# RO unit to garden tap



## hotweldfire (17 Nov 2011)

Debate started on another thread so instead of hijacking someone else's thread thought I should start a separate one.

I recently bought an RO unit and have decided the only convenient place to run it off is my garden tap. Garden tap has a hozelock connector on it usually which does not leak. 

I bought this:

http://www.ebay.co.uk/itm/380115033...NX:IT&_trksid=p3984.m1439.l2649#ht_960wt_1185

But the connection with my garden tap is poor. Loads of water leaks out of the top and as a result it takes about 12 hours to fill a 25l jerry can. Am also wasting loads of water.

I then foolishly bought this:

http://www.ebay.co.uk/itm/160628403...WNX:IT&_trksid=p3984.m1439.l2649#ht_670wt_952

Thinking it would allow me to connect the ro hose to the hozelock adaptor on the tap. Of course it's designed to do the opposite. It's for window cleaners to connect an RO unit to a hose, not a hose to an ro unit.
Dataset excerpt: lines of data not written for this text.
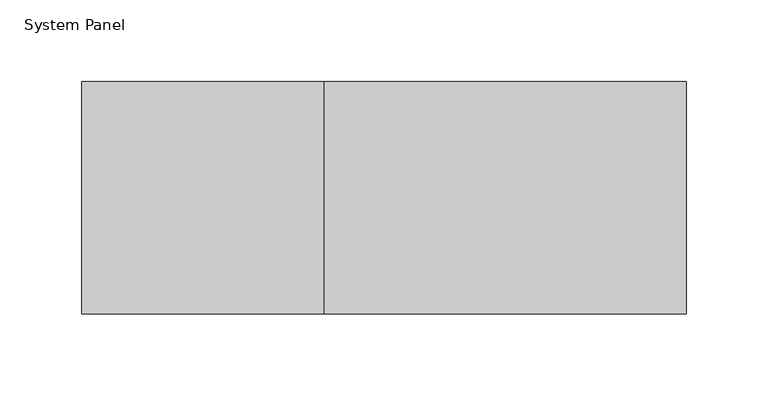
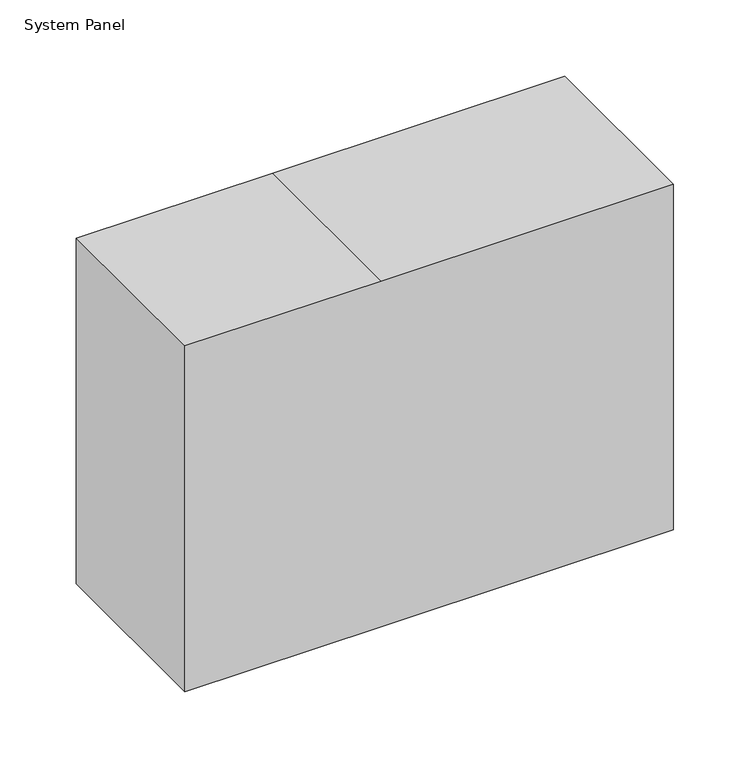
"""IFC4 building model written with IfcOpenShell, lengths in millimetres: plate geometry, System Panel : NLRS_21_CWP_hsb-vulling minerale wol 142 _gen_rsf."""

import ifcopenshell
import ifcopenshell.guid

model = None  # the IFC model being written
_history = None  # IfcOwnerHistory: only IFC2X3 demands one
_inside = {}  # id of a spatial element -> (the spatial element, [elements in it])
_under = {}  # id of a project, library or spatial element -> (it, [spatial elements below it])
_declared = {}  # id of a project -> (the project, [libraries it declares])
_typed = {}  # id of a type object -> (the type object, [elements of that type])
_made_of = {}  # id of a material, layer set ... -> (it, [elements and type objects made of it])


def new_model(schema):
    """Start an empty IFC model of exactly this schema.

    Asked for "IFC4X3", IfcOpenShell would pick the latest addendum, in which some entities
    have other attributes; the version numbers below select the first issue.
    IFC2X3 requires an IfcOwnerHistory on every rooted entity: one is made here for all.
    """
    global model, _history
    if schema == "IFC4X3":
        model = ifcopenshell.file(schema_version=(4, 3, 0, 0))
    else:
        model = ifcopenshell.file(schema=schema)
    _inside.clear()
    _under.clear()
    _declared.clear()
    _typed.clear()
    _made_of.clear()
    _history = None
    if model.schema == "IFC2X3":
        org = make("IfcOrganization", Name="unknown")
        user = make(
            "IfcPersonAndOrganization",
            ThePerson=make("IfcPerson", FamilyName="unknown"),
            TheOrganization=org,
        )
        app = make(
            "IfcApplication",
            ApplicationDeveloper=org,
            Version="unknown",
            ApplicationFullName="unknown",
            ApplicationIdentifier="unknown",
        )
        _history = make(
            "IfcOwnerHistory",
            OwningUser=user,
            OwningApplication=app,
            ChangeAction="ADDED",
            CreationDate=0,
        )
    return model


def make(cls, **values):
    """One entity of the class cls with the attributes given. An attribute that is None is left unset."""
    return model.create_entity(
        cls, **{name: value for name, value in values.items() if value is not None}
    )


def rooted(cls, **values):
    """An entity with a GlobalId (a new one), such as an element, a storey or a relation."""
    return make(cls, GlobalId=ifcopenshell.guid.new(), OwnerHistory=_history, **values)


def si_unit(unit_type, name, prefix=None):
    """IfcSIUnit, for example si_unit("LENGTHUNIT", "METRE", prefix="MILLI")."""
    return make("IfcSIUnit", UnitType=unit_type, Prefix=prefix, Name=name)


def assignment(units):
    """IfcUnitAssignment: the units of a project."""
    return None if units is None else make("IfcUnitAssignment", Units=units)


def point(xyz):
    """IfcCartesianPoint."""
    return None if xyz is None else make("IfcCartesianPoint", Coordinates=xyz)


def direction(xyz):
    """IfcDirection."""
    return None if xyz is None else make("IfcDirection", DirectionRatios=xyz)


def frame(location, z_axis=None, x_axis=None):
    """IfcAxis2Placement3D, a coordinate frame: its origin and axes. An axis left out is left unset."""
    return make(
        "IfcAxis2Placement3D",
        Location=point(location),
        Axis=direction(z_axis),
        RefDirection=direction(x_axis),
    )


def origin():
    """The frame at (0, 0, 0) with its axes left unset."""
    return frame((0.0, 0.0, 0.0))


def place(relative_to, where):
    """IfcLocalPlacement: puts the frame where relative to a parent placement (None: the world)."""
    return make(
        "IfcLocalPlacement", PlacementRelTo=relative_to, RelativePlacement=where
    )


def context(
    kind, dimensions, precision=None, world=None, true_north=None, identifier=None
):
    """IfcGeometricRepresentationContext, for example the 3D "Model" context."""
    return make(
        "IfcGeometricRepresentationContext",
        ContextIdentifier=identifier,
        ContextType=kind,
        CoordinateSpaceDimension=dimensions,
        Precision=precision,
        WorldCoordinateSystem=world,
        TrueNorth=true_north,
    )


def project(units=None, contexts=None):
    """IfcProject with its units and contexts."""
    return rooted(
        "IfcProject",
        Name="project",
        RepresentationContexts=contexts,
        UnitsInContext=assignment(units),
    )


def spatial(cls, under=None, at=None, **own):
    """A site, building, storey or space (cls), placed at a placement, below another one or the project."""
    s = rooted(cls, ObjectPlacement=at, **own)
    if under is not None:
        _under.setdefault(under.id(), (under, []))[1].append(s)
    return s


def polyline(points):
    """IfcPolyline through the points."""
    return make("IfcPolyline", Points=[point(p) for p in points])


def outline(outer, holes=None, kind="AREA"):
    """IfcArbitraryClosedProfileDef: a profile drawn as a closed curve; with holes, ...WithVoids."""
    if holes is None:
        return make("IfcArbitraryClosedProfileDef", ProfileType=kind, OuterCurve=outer)
    return make(
        "IfcArbitraryProfileDefWithVoids",
        ProfileType=kind,
        OuterCurve=outer,
        InnerCurves=holes,
    )


def extrude(swept, where, along, depth):
    """IfcExtrudedAreaSolid: the profile swept, set in the frame where, extruded along a direction by depth."""
    return make(
        "IfcExtrudedAreaSolid",
        SweptArea=swept,
        Position=where,
        ExtrudedDirection=direction(along),
        Depth=depth,
    )


def shape(context_of_items, identifier, shape_type, items):
    """IfcShapeRepresentation: the items that make up one representation, for example the "Body"."""
    return make(
        "IfcShapeRepresentation",
        ContextOfItems=context_of_items,
        RepresentationIdentifier=identifier,
        RepresentationType=shape_type,
        Items=items,
    )


def source(mapping_origin, context_of_items, identifier, shape_type, items):
    """IfcRepresentationMap: a shape defined once, which mapped items show again and again."""
    return make(
        "IfcRepresentationMap",
        MappingOrigin=mapping_origin,
        MappedRepresentation=shape(context_of_items, identifier, shape_type, items),
    )


def transform(
    local_origin,
    x_axis=None,
    y_axis=None,
    z_axis=None,
    scale=None,
    scale2=None,
    scale3=None,
    uniform=True,
):
    """IfcCartesianTransformationOperator3D, or its non-uniform kind. x_axis, y_axis, z_axis: its Axis1, 2, 3."""
    if uniform:
        return make(
            "IfcCartesianTransformationOperator3D",
            Axis1=direction(x_axis),
            Axis2=direction(y_axis),
            LocalOrigin=point(local_origin),
            Scale=scale,
            Axis3=direction(z_axis),
        )
    return make(
        "IfcCartesianTransformationOperator3DnonUniform",
        Axis1=direction(x_axis),
        Axis2=direction(y_axis),
        LocalOrigin=point(local_origin),
        Scale=scale,
        Axis3=direction(z_axis),
        Scale2=scale2,
        Scale3=scale3,
    )


def mapped(mapping_source, mapping_target):
    """IfcMappedItem: shows the shape of a source again, moved by a transform."""
    return make(
        "IfcMappedItem", MappingSource=mapping_source, MappingTarget=mapping_target
    )


def made_of(thing, what):
    """Note that an element or type object is made of a material, layer set ...; save() writes the relation."""
    if what is not None:
        _made_of.setdefault(what.id(), (what, []))[1].append(thing)
    return thing


def element(
    cls,
    number,
    at=None,
    inside=None,
    cuts=None,
    type_object=None,
    material=None,
    context=None,
    identifier="Body",
    shape_type=None,
    held_by="IfcProductDefinitionShape",
    body=None,
    shapes=None,
    **own,
):
    """One element of the class cls, such as IfcWall. Its Tag is "e" and its number.

    at: its placement. inside: the storey or other place that contains it. cuts: it is an
    opening in that element (IfcRelVoidsElement). A single representation is given by context,
    identifier, shape_type and body (its items); several are given by shapes. held_by: the class
    of the entity that holds the representations. save() writes the other relations.
    """
    e = rooted(cls, Tag="e%d" % number, ObjectPlacement=at, **own)
    if body is not None:
        shapes = [shape(context, identifier, shape_type, body)]
    if shapes is not None:
        e.Representation = make(held_by, Representations=shapes)
    if inside is not None:
        _inside.setdefault(inside.id(), (inside, []))[1].append(e)
    if cuts is not None:
        rooted(
            "IfcRelVoidsElement", RelatingBuildingElement=cuts, RelatedOpeningElement=e
        )
    if type_object is not None:
        _typed.setdefault(type_object.id(), (type_object, []))[1].append(e)
    return made_of(e, material)


def aggregate(whole, parts):
    """IfcRelAggregates: a whole, such as a stair, and the parts it consists of."""
    return rooted("IfcRelAggregates", RelatingObject=whole, RelatedObjects=parts)


def save(model, path):
    """Write the relations noted so far, then the file.

    IfcRelAggregates (storeys below a building ...), IfcRelContainedInSpatialStructure (elements
    in a storey), IfcRelDefinesByType, IfcRelAssociatesMaterial and IfcRelDeclares: one each for
    every whole, place, type object, material and project.
    """
    for whole, parts in _under.values():
        aggregate(whole, parts)
    for where, things in _inside.values():
        rooted(
            "IfcRelContainedInSpatialStructure",
            RelatedElements=things,
            RelatingStructure=where,
        )
    for kind, things in _typed.values():
        rooted("IfcRelDefinesByType", RelatedObjects=things, RelatingType=kind)
    for what, things in _made_of.values():
        rooted("IfcRelAssociatesMaterial", RelatedObjects=things, RelatingMaterial=what)
    for by, libraries in _declared.values():
        rooted("IfcRelDeclares", RelatingContext=by, RelatedDefinitions=libraries)
    model.write(path)


def system_panel_c31e55ff(model_context):
    return source(origin(), model_context, "Body", "SweptSolid", [
        extrude(outline(polyline([(0.0, -184.5), (0.0, -36.3441061), (0.0, 184.5), (276.0, 184.5), (276.0, -36.3441061), (276.0, -184.5), (0.0, -184.5)])), frame((0.0, -71.0, 0.0), z_axis=(0.0, 1.0, 0.0), x_axis=(0.0, 0.0, 1.0)), (0.0, 0.0, 1.0), 142.0),
    ])


if __name__ == "__main__":
    model = new_model("IFC4")
    model_context = context("Model", 3, world=origin())
    ifc_project = project(units=[si_unit("LENGTHUNIT", "METRE", prefix="MILLI")], contexts=[model_context])
    site = spatial("IfcSite", under=ifc_project)
    building = spatial("IfcBuilding", under=site)
    placement = place(None, origin())
    system_panel_shape = system_panel_c31e55ff(model_context)
    element("IfcPlate", 1, ObjectType="System Panel : NLRS_21_CWP_hsb-vulling minerale wol 142 _gen_rsf", at=placement, inside=building, context=model_context, shape_type="MappedRepresentation", body=[
        mapped(system_panel_shape, transform((0.0, 0.0, 0.0), x_axis=(1.0, 0.0, 0.0), y_axis=(0.0, 1.0, 0.0), z_axis=(0.0, 0.0, 1.0))),
    ])
    save(model, "model.ifc")

# Revit data of these elements
# Type "System Panel : NLRS_21_CWP_hsb-vulling minerale wol 142 _gen_rsf"
#   Export Type to IFC As = "IfcWall"
#   Type IfcGUID = "07M7mRoiH1CR8m_RSKIwpC"
#   Assembly Code = "21.23"
# Element 1 (IfcPlate, "System Panel : NLRS_21_CWP_hsb-vulling minerale wol 142 _gen_rsf")
#   Materials on its faces: "NLRS_m1_isolatie minerale wol_gen_rsf"
# Materials
#   "NLRS_m1_isolatie minerale wol_gen_rsf": class "M - Anorganische materialen", colour RGB 200 200 140, transparency 0, Keynote = "m1", Manufacturer = "Revit Standards Foundation", URL = "www.revitstandards.org", Description = "isolatie minerale wol", Cost = 0

Any ideas how to get this connection working? I've thought about buying an additional connector that would fit the connector I bought above to the one on my tap but can only find male-male ones, not female-female ones, e.g.

http://www.google.co.uk/search?aq=f...w.,cf.osb&fp=c7c4bde0db152f7&biw=1280&bih=909

Or is the original tap connector a bit dodgy. Should I just try another one? Don't want to spend the money if I'm going to end up with the same problem given I've got a hozelock connector that don't leak.


----------



## PeteA (17 Nov 2011)

Don't bother with using hozelock on the RO, the back pressure is too much for them (I've found this out too).  Basically the water in an RO unit get's forced through the various filters and membranes which is why the higher pressure your water the quicker you get your RO water.  A normal hose will only back pressure at the pressure of the water (1 ~ 2 bar), I think the water under compression in the RO unit is significantly more, which hozelock connectors aren't designed for.

Presuming your garden tap has a screw thread, get one of these: http://www.tools4trade.com/d-3626064-Y- ... U2545.aspx (or going posh: http://compare.ebay.co.uk/like/17063706 ... s&var=sbar).  This will give you two "taps".  Screw your hozelock onto one and the RO quick-fit connector onto the other.  Now all you need to do is to push the RO tube into the quick fit connector when you need water.


----------



## a1Matt (17 Nov 2011)

Pete said spot on what I was thinking


----------



## Radik (17 Nov 2011)

I have something like this

http://www.ebay.co.uk/itm/Kitchen-Mixer ... 3cb072ec76

just unscrew hozelock from the bottom and install the one to connect RO I am doing water inside from tap


----------



## cheebs (17 Nov 2011)

Hey Saj,

It might be an idea to try a washer inside the item from the first link you posted. Some PTFE tape around the thread wont hurt, but I would bet its not sealing properly at the bottom of the thread.

I have quite a selection of washers somewhere at home... If you don't have any yourself, I might be able to find one or 2 that might work and send 'em to you.


----------



## GHNelson (17 Nov 2011)

Hi
I think you may get a better seal with this  :arrow: http://www.google.co.uk/products/catalo ... GkQ8wIwAA#
hoggie


----------



## hotweldfire (17 Nov 2011)

Some great advice, thanks all. This is why I love this forum.



			
				cheebs said:
			
		

> Hey Saj,
> 
> It might be an idea to try a washer inside the item from the first link you posted. Some PTFE tape around the thread wont hurt, but I would bet its not sealing properly at the bottom of the thread.
> 
> I have quite a selection of washers somewhere at home... If you don't have any yourself, I might be able to find one or 2 that might work and send 'em to you.



Have some tape so will try that as first step but might have to take you up on that offer as second step mate, before spending money on new adapters


----------



## cheebs (18 Nov 2011)

Absolutely... Give me a shout ans ill dig them out.


----------